First, solve for \( x \):
\[ x = 3 + \sqrt{2} \]
Now, calculate \( \frac{x + 1}{x} \):
\[ \frac{x + 1}{x} = \frac{(3 + \sqrt{2}) + 1}{3 + \sqrt{2}} = \frac{4 + \sqrt{2}}{3 + \sqrt{2}} \]

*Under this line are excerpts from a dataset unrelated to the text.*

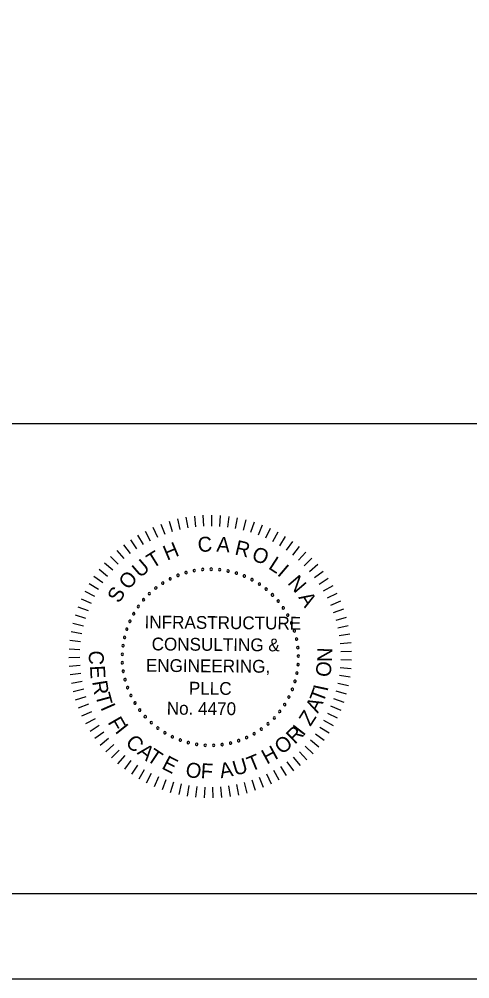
# Model space of a CAD drawing. Extents: x -121.2 to -24.9, y 6.4 to 66.3.
# Drawn here: x -53.92 to -46.89, y 6.35 to 21.33 of the extents above; entities that cross this region are included whole.
import ezdxf

# ---------------------------------------------------------------- set-up
doc = ezdxf.new("R2010")
doc.units = 0
for name, color, linetype in [('BR_BORDER LINES', 7, 'Continuous'), ('BR_TEXT', 7, 'Continuous'), ('Level 31', 7, 'Continuous')]:
    doc.layers.add(name, color=color, linetype=linetype)

msp = doc.modelspace()

# ---------------------------------------------------------------- linework, layer by layer
at = {"layer": 'BR_BORDER LINES'}
for p, q in [((-60.804, 15.017), (-46.496, 15.017)), ((-116.272, 7.683), (-26.496, 7.683))]:
    msp.add_line(p, q, dxfattribs=at)
at = {"layer": 'BR_TEXT'}
for p, q in [((-51.583, 13.49), (-51.533, 13.328)), ((-51.453, 13.526), (-51.413, 13.36)), ((-51.321, 13.553), (-51.292, 13.386)), ((-51.188, 13.572), (-51.169, 13.403)), ((-51.054, 13.583), (-51.045, 13.413)), ((-50.919, 13.586), (-50.921, 13.416)), ((-50.785, 13.58), (-50.796, 13.411)), ((-50.651, 13.567), (-50.673, 13.399)), ((-50.518, 13.545), (-50.55, 13.378)), ((-50.387, 13.515), (-50.429, 13.351)), ((-50.257, 13.478), (-50.31, 13.316)), ((-51.957, 13.338), (-51.878, 13.187)), ((-51.835, 13.396), (-51.766, 13.241)), ((-51.711, 13.447), (-51.651, 13.288)), ((-50.131, 13.432), (-50.193, 13.274)), ((-50.007, 13.379), (-50.079, 13.225)), ((-52.187, 13.2), (-52.091, 13.06)), ((-52.074, 13.272), (-51.987, 13.127)), ((-49.887, 13.318), (-49.968, 13.169)), ((-49.77, 13.251), (-49.86, 13.106)), ((-52.4, 13.034), (-52.287, 12.907)), ((-52.296, 13.12), (-52.192, 12.986)), ((-49.659, 13.176), (-49.757, 13.037)), ((-49.551, 13.094), (-49.658, 12.962)), ((-52.498, 12.942), (-52.378, 12.822)), ((-49.449, 13.006), (-49.564, 12.881)), ((-49.353, 12.913), (-49.475, 12.794)), ((-52.677, 12.741), (-52.543, 12.636)), ((-52.59, 12.844), (-52.463, 12.732)), ((-49.262, 12.813), (-49.391, 12.702)), ((-52.757, 12.633), (-52.617, 12.536)), ((-49.178, 12.708), (-49.313, 12.606)), ((-49.1, 12.598), (-49.242, 12.504)), ((-52.83, 12.52), (-52.684, 12.432)), ((-49.029, 12.484), (-49.176, 12.398)), ((-52.954, 12.281), (-52.799, 12.212)), ((-52.896, 12.402), (-52.745, 12.324)), ((-48.966, 12.365), (-49.117, 12.289)), ((-53.006, 12.157), (-52.847, 12.097)), ((-48.909, 12.243), (-49.065, 12.176)), ((-53.049, 12.029), (-52.887, 11.98)), ((-48.86, 12.117), (-49.02, 12.06)), ((-48.819, 11.989), (-48.982, 11.942)), ((-53.085, 11.9), (-52.92, 11.86)), ((-48.786, 11.859), (-48.951, 11.822)), ((-53.113, 11.768), (-52.946, 11.738)), ((-48.76, 11.727), (-48.928, 11.7)), ((-53.132, 11.635), (-52.964, 11.615)), ((-48.743, 11.593), (-48.912, 11.576)), ((-53.144, 11.501), (-52.974, 11.491)), ((-48.734, 11.459), (-48.904, 11.452)), ((-53.147, 11.366), (-52.978, 11.367)), ((-53.142, 11.231), (-52.973, 11.243)), ((-48.734, 11.324), (-48.903, 11.328)), ((-53.129, 11.097), (-52.961, 11.119)), ((-48.741, 11.19), (-48.91, 11.204)), ((-53.108, 10.965), (-52.941, 10.997)), ((-48.78, 10.923), (-48.947, 10.958)), ((-48.757, 11.056), (-48.925, 11.081)), ((-53.079, 10.833), (-52.914, 10.875)), ((-48.812, 10.793), (-48.976, 10.838)), ((-53.042, 10.704), (-52.88, 10.756)), ((-52.997, 10.577), (-52.838, 10.639)), ((-48.852, 10.664), (-49.013, 10.719)), ((-52.944, 10.453), (-52.79, 10.524)), ((-48.954, 10.415), (-49.107, 10.489)), ((-48.899, 10.538), (-49.056, 10.603)), ((-52.884, 10.333), (-52.734, 10.413)), ((-49.017, 10.296), (-49.165, 10.379)), ((-52.816, 10.216), (-52.672, 10.306)), ((-52.742, 10.104), (-52.603, 10.202)), ((-49.086, 10.181), (-49.229, 10.273)), ((-52.661, 9.996), (-52.529, 10.103)), ((-49.246, 9.964), (-49.376, 10.073)), ((-49.163, 10.07), (-49.3, 10.17)), ((-52.573, 9.894), (-52.448, 10.008)), ((-52.48, 9.797), (-52.362, 9.919)), ((-49.431, 9.768), (-49.547, 9.892)), ((-49.335, 9.863), (-49.459, 9.98)), ((-52.381, 9.706), (-52.27, 9.835)), ((-52.276, 9.622), (-52.173, 9.757)), ((-49.532, 9.679), (-49.64, 9.81)), ((-52.166, 9.543), (-52.072, 9.685)), ((-52.052, 9.472), (-51.967, 9.619)), ((-49.864, 9.451), (-49.947, 9.6)), ((-49.749, 9.521), (-49.841, 9.663)), ((-49.638, 9.597), (-49.738, 9.734)), ((-51.934, 9.408), (-51.858, 9.56)), ((-51.812, 9.351), (-51.745, 9.507)), ((-51.687, 9.302), (-51.629, 9.461)), ((-50.233, 9.288), (-50.288, 9.449)), ((-50.107, 9.335), (-50.171, 9.492)), ((-49.984, 9.389), (-50.058, 9.542)), ((-51.559, 9.26), (-51.511, 9.423)), ((-51.428, 9.226), (-51.391, 9.392)), ((-51.296, 9.2), (-51.269, 9.368)), ((-51.163, 9.183), (-51.146, 9.352)), ((-51.028, 9.173), (-51.022, 9.343)), ((-50.894, 9.172), (-50.898, 9.342)), ((-50.759, 9.179), (-50.773, 9.348)), ((-50.626, 9.194), (-50.65, 9.362)), ((-50.493, 9.217), (-50.528, 9.384)), ((-50.362, 9.249), (-50.407, 9.412))]:
    msp.add_line(p, q, dxfattribs=at)
for centre, start, end in [((-51.19, 12.72), 10.6038, 190.6038), ((-51.058, 12.738), 5.0653, 185.0653), ((-51.058, 12.738), 185.0653, 5.0653), ((-50.926, 12.743), 359.5268, 179.5268), ((-50.926, 12.743), 179.5268, 359.5268), ((-50.793, 12.735), 353.9884, 173.9884), ((-50.793, 12.735), 173.9884, 353.9884), ((-50.662, 12.714), 348.4499, 168.4499), ((-51.566, 12.592), 27.2191, 207.2191), ((-51.566, 12.592), 207.2191, 27.2191), ((-51.445, 12.647), 21.6807, 201.6807), ((-51.445, 12.647), 201.6807, 21.6807), ((-51.319, 12.689), 16.1422, 196.1422), ((-51.319, 12.689), 196.1422, 16.1422), ((-51.19, 12.72), 190.6038, 10.6038), ((-50.662, 12.714), 168.4499, 348.4499), ((-50.533, 12.681), 162.9114, 342.9114), ((-50.533, 12.681), 342.9114, 162.9114), ((-50.408, 12.636), 157.373, 337.373), ((-50.408, 12.636), 337.373, 157.373), ((-50.288, 12.579), 151.8345, 331.8345), ((-50.288, 12.579), 331.8345, 151.8345), ((-51.79, 12.449), 38.2961, 218.2961), ((-51.79, 12.449), 218.2961, 38.2961), ((-51.682, 12.526), 32.7576, 212.7576), ((-51.682, 12.526), 212.7576, 32.7576), ((-50.174, 12.51), 146.2961, 326.2961), ((-50.174, 12.51), 326.2961, 146.2961), ((-50.068, 12.431), 140.7576, 320.7576), ((-50.068, 12.431), 320.7576, 140.7576), ((-51.982, 12.265), 49.373, 229.373), ((-51.89, 12.362), 43.8345, 223.8345), ((-51.89, 12.362), 223.8345, 43.8345), ((-49.969, 12.342), 135.2191, 315.2191), ((-49.969, 12.342), 315.2191, 135.2191), ((-52.063, 12.16), 54.9114, 234.9114), ((-52.063, 12.16), 234.9114, 54.9114), ((-51.982, 12.265), 229.373, 49.373), ((-49.88, 12.244), 129.6807, 309.6807), ((-49.88, 12.244), 309.6807, 129.6807), ((-49.8, 12.137), 124.1422, 304.1422), ((-49.8, 12.137), 304.1422, 124.1422), ((-52.135, 12.048), 60.4499, 240.4499), ((-52.135, 12.048), 240.4499, 60.4499), ((-49.731, 12.024), 118.6038, 298.6038), ((-49.731, 12.024), 298.6038, 118.6038), ((-52.195, 11.93), 65.9884, 245.9884), ((-52.195, 11.93), 245.9884, 65.9884), ((-49.673, 11.904), 113.0653, 293.0653), ((-49.673, 11.904), 293.0653, 113.0653), ((-52.279, 11.678), 77.0653, 257.0653), ((-52.279, 11.678), 257.0653, 77.0653), ((-52.243, 11.806), 71.5268, 251.5268), ((-52.243, 11.806), 251.5268, 71.5268), ((-49.628, 11.779), 107.5268, 287.5268), ((-49.628, 11.779), 287.5268, 107.5268), ((-52.303, 11.547), 82.6038, 262.6038), ((-52.303, 11.547), 262.6038, 82.6038), ((-49.594, 11.651), 101.9884, 281.9884), ((-49.594, 11.651), 281.9884, 101.9884), ((-49.573, 11.519), 96.4499, 276.4499), ((-49.573, 11.519), 276.4499, 96.4499), ((-52.314, 11.415), 88.1422, 268.1422), ((-52.314, 11.415), 268.1422, 88.1422), ((-49.565, 11.387), 90.9114, 270.9114), ((-49.565, 11.387), 270.9114, 90.9114), ((-52.312, 11.282), 93.6807, 273.6807), ((-52.312, 11.282), 273.6807, 93.6807), ((-49.569, 11.254), 85.373, 265.373), ((-49.569, 11.254), 265.373, 85.373), ((-52.298, 11.15), 99.2191, 279.2191), ((-52.298, 11.15), 279.2191, 99.2191), ((-49.587, 11.122), 79.8345, 259.8345), ((-49.587, 11.122), 259.8345, 79.8345), ((-52.27, 11.02), 104.7576, 284.7576), ((-52.27, 11.02), 284.7576, 104.7576), ((-49.617, 10.993), 74.2961, 254.2961), ((-49.617, 10.993), 254.2961, 74.2961), ((-52.231, 10.893), 110.2961, 290.2961), ((-52.231, 10.893), 290.2961, 110.2961), ((-52.179, 10.771), 115.8345, 295.8345), ((-52.179, 10.771), 295.8345, 115.8345), ((-49.659, 10.867), 68.7576, 248.7576), ((-49.659, 10.867), 248.7576, 68.7576), ((-52.115, 10.654), 121.373, 301.373), ((-52.115, 10.654), 301.373, 121.373), ((-49.779, 10.63), 57.6807, 237.6807), ((-49.779, 10.63), 237.6807, 57.6807), ((-49.713, 10.746), 63.2191, 243.2191), ((-49.713, 10.746), 243.2191, 63.2191), ((-52.041, 10.544), 126.9114, 306.9114), ((-52.041, 10.544), 306.9114, 126.9114), ((-49.856, 10.522), 52.1422, 232.1422), ((-49.856, 10.522), 232.1422, 52.1422), ((-51.956, 10.441), 132.4499, 312.4499), ((-51.956, 10.441), 312.4499, 132.4499), ((-51.862, 10.348), 137.9884, 317.9884), ((-51.862, 10.348), 317.9884, 137.9884), ((-50.038, 10.329), 41.0653, 221.0653), ((-50.038, 10.329), 221.0653, 41.0653), ((-49.942, 10.421), 46.6038, 226.6038), ((-49.942, 10.421), 226.6038, 46.6038), ((-51.759, 10.263), 143.5268, 323.5268), ((-51.759, 10.263), 323.5268, 143.5268), ((-51.649, 10.189), 149.0653, 329.0653), ((-51.649, 10.189), 329.0653, 149.0653), ((-50.255, 10.175), 29.9884, 209.9884), ((-50.255, 10.175), 209.9884, 29.9884), ((-50.143, 10.247), 35.5268, 215.5268), ((-50.143, 10.247), 215.5268, 35.5268), ((-51.532, 10.126), 154.6038, 334.6038), ((-51.532, 10.126), 334.6038, 154.6038), ((-51.409, 10.075), 160.1422, 340.1422), ((-51.409, 10.075), 340.1422, 160.1422), ((-51.283, 10.036), 345.6807, 165.6807), ((-51.283, 10.036), 165.6807, 345.6807), ((-50.624, 10.029), 13.373, 193.373), ((-50.624, 10.029), 193.373, 13.373), ((-50.497, 10.066), 18.9114, 198.9114), ((-50.497, 10.066), 198.9114, 18.9114), ((-50.373, 10.115), 24.4499, 204.4499), ((-50.373, 10.115), 204.4499, 24.4499), ((-51.152, 10.009), 351.2191, 171.2191), ((-51.152, 10.009), 171.2191, 351.2191), ((-51.02, 9.995), 356.7576, 176.7576), ((-51.02, 9.995), 176.7576, 356.7576), ((-50.887, 9.993), 2.2961, 182.2961), ((-50.887, 9.993), 182.2961, 2.2961), ((-50.755, 10.005), 7.8345, 187.8345), ((-50.755, 10.005), 187.8345, 7.8345)]:
    msp.add_arc(centre, 0.0187, start, end, dxfattribs=at)
at = {"layer": 'Level 31'}
msp.add_lwpolyline([(-121.161, 6.35), (-25.161, 6.35), (-25.161, 65.017), (-121.161, 65.017)], close=True, dxfattribs=at)

# ---------------------------------------------------------------- texts
at = {"layer": 'BR_TEXT'}
for s, height, rotation, p in [('C', 0.233, 4.7281, (-51.127, 13.006)), ('A', 0.233, 355.6981, (-50.848, 13.019)), ('R', 0.233, 346.6681, (-50.57, 12.974)), ('T', 0.233, 31.8182, (-51.841, 12.747)), ('H', 0.233, 22.7882, (-51.615, 12.874)), ('O', 0.233, 337.638, (-50.31, 12.894)), ('U', 0.233, 40.8482, (-52.036, 12.597)), ('L', 0.233, 327.108, (-50.046, 12.759)), ('I', 0.233, 319.578, (-49.906, 12.659)), ('O', 0.233, 49.8782, (-52.215, 12.408)), ('N', 0.233, 310.548, (-49.744, 12.523)), ('S', 0.233, 58.9083, (-52.363, 12.199)), ('A', 0.233, 301.5179, (-49.57, 12.303)), ('INFRASTRUCTURE', 0.19939, 359.5268, (-51.966, 11.819)), ('CONSULTING &', 0.19939, 359.5268, (-51.856, 11.476)), ('C', 0.233, 267.025, (-52.829, 11.479)), ('N', 0.233, 89.2085, (-49.039, 11.293)), ('ENGINEERING,', 0.19939, 359.5268, (-51.946, 11.142)), ('O', 0.233, 83.2085, (-49.068, 11.05)), ('E', 0.233, 273.025, (-52.818, 11.235)), ('R', 0.233, 279.025, (-52.784, 10.989)), ('PLLC', 0.1994, 359.5268, (-51.275, 10.786)), ('T', 0.233, 285.025, (-52.737, 10.779)), ('T', 0.233, 69.3954, (-49.178, 10.645)), ('I', 0.233, 77.9093, (-49.11, 10.825)), ('I', 0.233, 293.7713, (-52.658, 10.584)), ('No. 4470', 0.1994, 359.5268, (-51.62, 10.474)), ('A', 0.233, 63.3954, (-49.26, 10.484)), ('Z', 0.233, 57.3954, (-49.377, 10.28)), ('F', 0.233, 299.7713, (-52.548, 10.355)), ('I', 0.233, 308.5268, (-52.436, 10.211)), ('R', 0.233, 44.5268, (-49.619, 10)), ('I', 0.233, 52.3339, (-49.487, 10.127)), ('C', 0.233, 314.5268, (-52.278, 10.024)), ('O', 0.233, 38.5268, (-49.823, 9.841)), ('A', 0.233, 320.5268, (-52.093, 9.868)), ('T', 0.233, 326.5268, (-51.948, 9.765)), ('H', 0.233, 28.5268, (-50.058, 9.691)), ('E', 0.233, 332.5268, (-51.712, 9.638)), ('U', 0.233, 16.5268, (-50.551, 9.515)), ('T', 0.233, 22.5268, (-50.306, 9.58)), ('O', 0.233, 350.5268, (-51.338, 9.508)), ('F', 0.233, 356.5268, (-51.094, 9.483)), ('A', 0.233, 10.5268, (-50.775, 9.479))]:
    msp.add_text(s, height=height, rotation=rotation, dxfattribs=at).set_placement(p)

doc.saveas('drawing.dxf')

To determine if \( \frac{4 + \sqrt{2}}{3 + \sqrt{2}} \) is rational or irrational, let's rationalize the denominator:
\[ \frac{4 + \sqrt{2}}{3 + \sqrt{2}} \cdot \frac{3 - \sqrt{2}}{3 - \sqrt{2}} = \frac{(4 + \sqrt{2})(3 - \sqrt{2})}{(3 + \sqrt{2})(3 - \sqrt{2})} \]
Calculate the denominator:
\[ (3 + \sqrt{2})(3 - \sqrt{2}) = 3^2 - (\sqrt{2})^2 = 9 - 2 = 7 \]
Calculate the numerator:
\[ (4 + \sqrt{2})(3 - \sqrt{2}) = 4 \cdot 3 + 4 \cdot (-\sqrt{2}) + \sqrt{2} \cdot 3 + \sqrt{2} \cdot (-\sqrt{2}) \]
\[ = 12 - 4\sqrt{2} + 3\sqrt{2} - 2 \]
\[ = 10 - \sqrt{2} \]
So,
\[ \frac{4 + \sqrt{2}}{3 + \sqrt{2}} = \frac{10 - \sqrt{2}}{7} \]
Since \( \frac{10 - \sqrt{2}}{7} \) is not in the form of \( \frac{p}{q} \) where \( p \) and \( q \) are integers (because it contains \( \sqrt{2} \)), \( \frac{x + 1}{x} \) is irrational.
Therefore, \( \frac{x + 1}{x} \) is **irrational**.